I ran into this problem today because Tilt doesn't handle encoding properly (rtomayko/tilt#75). This is how I patched the problem, in case it's useful to anyone.

Ruby 2

module Kramdown::Parser
  module EncodingFix
    def adapt_source(source)
      super.force_encoding('UTF-8')
    end
  end

  class Base; prepend EncodingFix; end
end

Ruby <= 1.9

module Kramdown::Parser
  class Base
    alias old_adapt_source adapt_source

    def adapt_source(source)
      old_adapt_source(source).force_encoding('UTF-8')
    end
  end
end

gettalong added a commit that referenced this issue Mar 9, 2013

Hopefully fixed encoding problem of GH issue #38
kramdown dnow transcodes the source to UTF-8 for internal use and
transcodes it back after conversion.
Owner

gettalong commented Mar 9, 2013

So, this does to seem to be a bit more complicated... or funny, depending on how you look at it.

I took the example from @lydell and put it in a file on Windows 7 with Notepad and selected ANSI encoding. So, what does one expect here? I expected that the file would contain CP850 encoded characters because this is what seems to be the encoding on Windows 7 command line. But when you look up what ANSI encoding means, you see that it is actually called CP-1252. So the file gets saved in CP-1252 format.

On the command line, ruby reads it in as CP-850 (because this is the external encoding) and then outputs the result as CP-850 which leads to å becoming õ... which is just not right.

So... you are basically screwed on Windows if you expect a sane default environment because the command line encoding differs from the GUI encoding (or however one wants to phrase that).

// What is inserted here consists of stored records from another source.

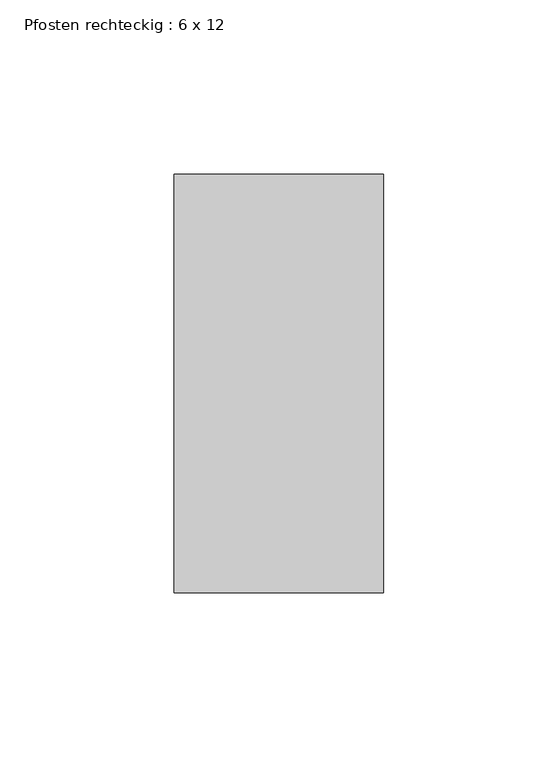
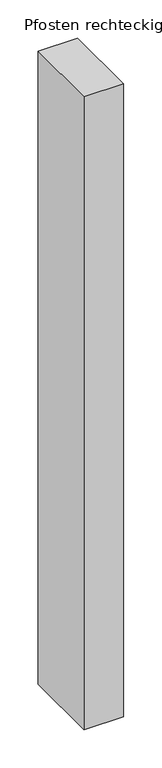
"""IFC4 building model written with IfcOpenShell, lengths in millimetres: member geometry, Pfosten rechteckig : 6 x 12."""

from ifc_helpers import new_model, si_unit, frame, origin, place, context, project, spatial, polyline, outline, extrude, source, transform, mapped, element, save


def pfosten_rechteckig_6_x_12_c0675010(model_context):
    return source(origin(), model_context, "Body", "SweptSolid", [
        extrude(outline(polyline([(30.0, 60.0), (30.0, -60.0), (-30.0, -60.0), (-30.0, 60.0), (30.0, 60.0)])), frame((0.0, 0.0, -1009.9773049), z_axis=(0.0, 0.0, 1.0), x_axis=(1.0, 0.0, 0.0)), (0.0, 0.0, 1.0), 1009.9773049),
    ])


if __name__ == "__main__":
    model = new_model("IFC4")
    model_context = context("Model", 3, world=origin())
    ifc_project = project(units=[si_unit("LENGTHUNIT", "METRE", prefix="MILLI")], contexts=[model_context])
    site = spatial("IfcSite", under=ifc_project)
    building = spatial("IfcBuilding", under=site)
    placement = place(None, origin())
    pfosten_rechteckig_6_x_12_shape = pfosten_rechteckig_6_x_12_c0675010(model_context)
    element("IfcMember", 1, ObjectType="Pfosten rechteckig : 6 x 12", at=placement, inside=building, context=model_context, shape_type="MappedRepresentation", body=[
        mapped(pfosten_rechteckig_6_x_12_shape, transform((0.0, 0.0, 0.0), x_axis=(1.0, 0.0, 0.0), y_axis=(0.0, 1.0, 0.0), z_axis=(0.0, 0.0, 1.0))),
    ])
    save(model, "model.ifc")

# Revit data of these elements
# Type "Pfosten rechteckig : 6 x 12"
#   built-in parameter 1007304 = 0.393701 (stored number, unit not read)
#   built-in parameter 1007301 = 0.0984252 (stored number, unit not read)
#   built-in parameter 1007300 = 0.0984252 (stored number, unit not read)
# Element 1 (IfcMember, "Pfosten rechteckig : 6 x 12")
#   Materials on its faces: "Metall - verzinkt"
# Materials
#   "Metall - verzinkt": class "Allgemeines", colour RGB 200 200 200, transparency 0, Cost = 0
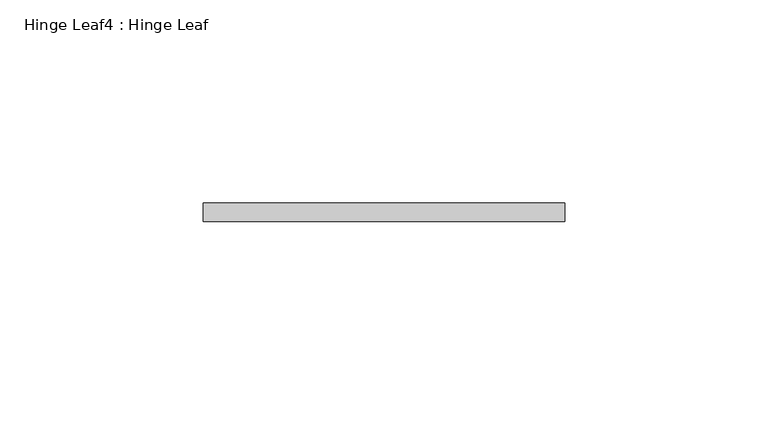
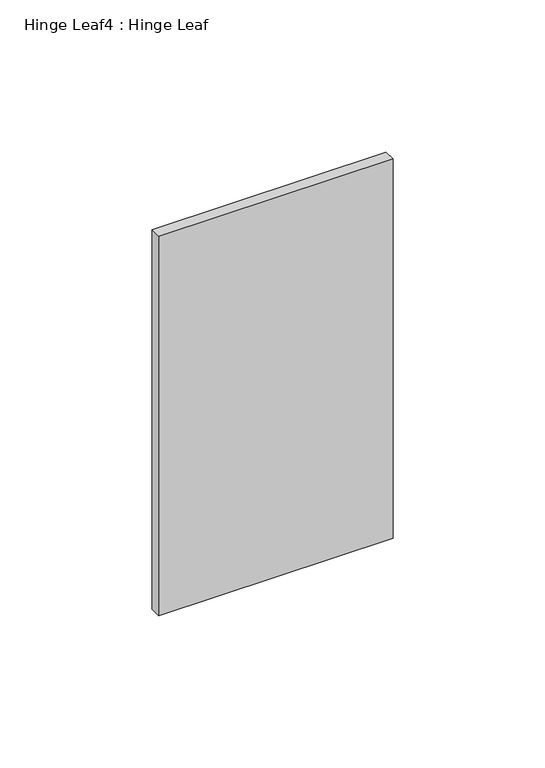
"""IFC4 building model written with IfcOpenShell, lengths in millimetres: proxy geometry, Hinge Leaf4 : Hinge Leaf."""

from ifc_helpers import new_model, si_unit, frame, origin, place, context, project, spatial, polyline, outline, extrude, source, transform, mapped, element, save


def hinge_leaf4_hinge_leaf_dc6140c5(model_context):
    return source(origin(), model_context, "Body", "SweptSolid", [
        extrude(outline(polyline([(587327.7934739, -531780.6943841), (587416.6934739, -531780.6943841), (587416.6934739, -531785.2663841), (587327.7934739, -531785.2663841), (587327.7934739, -531780.6943841)])), frame((0.0, 0.0, 1936.75), z_axis=(0.0, 0.0, 1.0), x_axis=(1.0, 0.0, 0.0)), (0.0, 0.0, 1.0), 152.4),
    ])


if __name__ == "__main__":
    model = new_model("IFC4")
    model_context = context("Model", 3, world=origin())
    ifc_project = project(units=[si_unit("LENGTHUNIT", "METRE", prefix="MILLI")], contexts=[model_context])
    site = spatial("IfcSite", under=ifc_project)
    building = spatial("IfcBuilding", under=site)
    placement = place(None, origin())
    hinge_leaf4_hinge_leaf_shape = hinge_leaf4_hinge_leaf_dc6140c5(model_context)
    element("IfcBuildingElementProxy", 1, Name="Hinge Leaf4 : Hinge Leaf", ObjectType="Hinge Leaf4 : Hinge Leaf", at=placement, inside=building, context=model_context, shape_type="MappedRepresentation", body=[
        mapped(hinge_leaf4_hinge_leaf_shape, transform((0.0, 0.0, 0.0), x_axis=(1.0, 0.0, 0.0), y_axis=(0.0, 1.0, 0.0), z_axis=(0.0, 0.0, 1.0))),
    ])
    save(model, "model.ifc")

# Revit data of these elements
# Element 1 (IfcBuildingElementProxy, "Hinge Leaf4 : Hinge Leaf")
#   Materials on its faces: "6\"X6\" WELD-ON STL BUTT HINGE"
# Materials
#   "6\"X6\" WELD-ON STL BUTT HINGE": class "Metal", colour RGB 189 187 185, transparency 0, Description = "Carbon steel", Cost = 0

However, since there is also still a bug in kramdown I will fix this bug by converting the source string to UTF-8 in Kramdown::Parser::Base.adapt_source and convert the result back to the original encoding of the string in Kramdown::Converter::Base.convert. The back-conversion is not really needed in the most common use cases because on terminal output or when writing to files Ruby automatically transcodes strings to the external encoding. However, when the string is further transformed in Ruby the caller probably expects a string in the same encoding as he has given.

And the result of all this? If you save a file on Windows with a CP-850 encoding, kramdown will now work correctly. Just remember that saving a file in Notepad with the ANSI encoding does not mean CP-850 but CP-1252 (or WINDOWS-1252 as it is known to ruby)!

Coming to you with the next release of kramdown which will be the (spoiler alert) 1.0.0 😄


The problem with the input file can't be solved by kramdown since this is a general problem (Question: Is the encoding of the file system paths different to the external encoding on Windows 7 cmd command line? Answer: Yes, it seems so. Solution: For your and my sake/saneness, please just set the default encoding to UTF-8 everywhere and use UTF-8 everywhere).

@gettalong gettalong closed this Mar 9, 2013

Contributor

lydell commented Mar 11, 2013

I just tried 1.0.0. I would like to confirm that the original test case now works! Thanks!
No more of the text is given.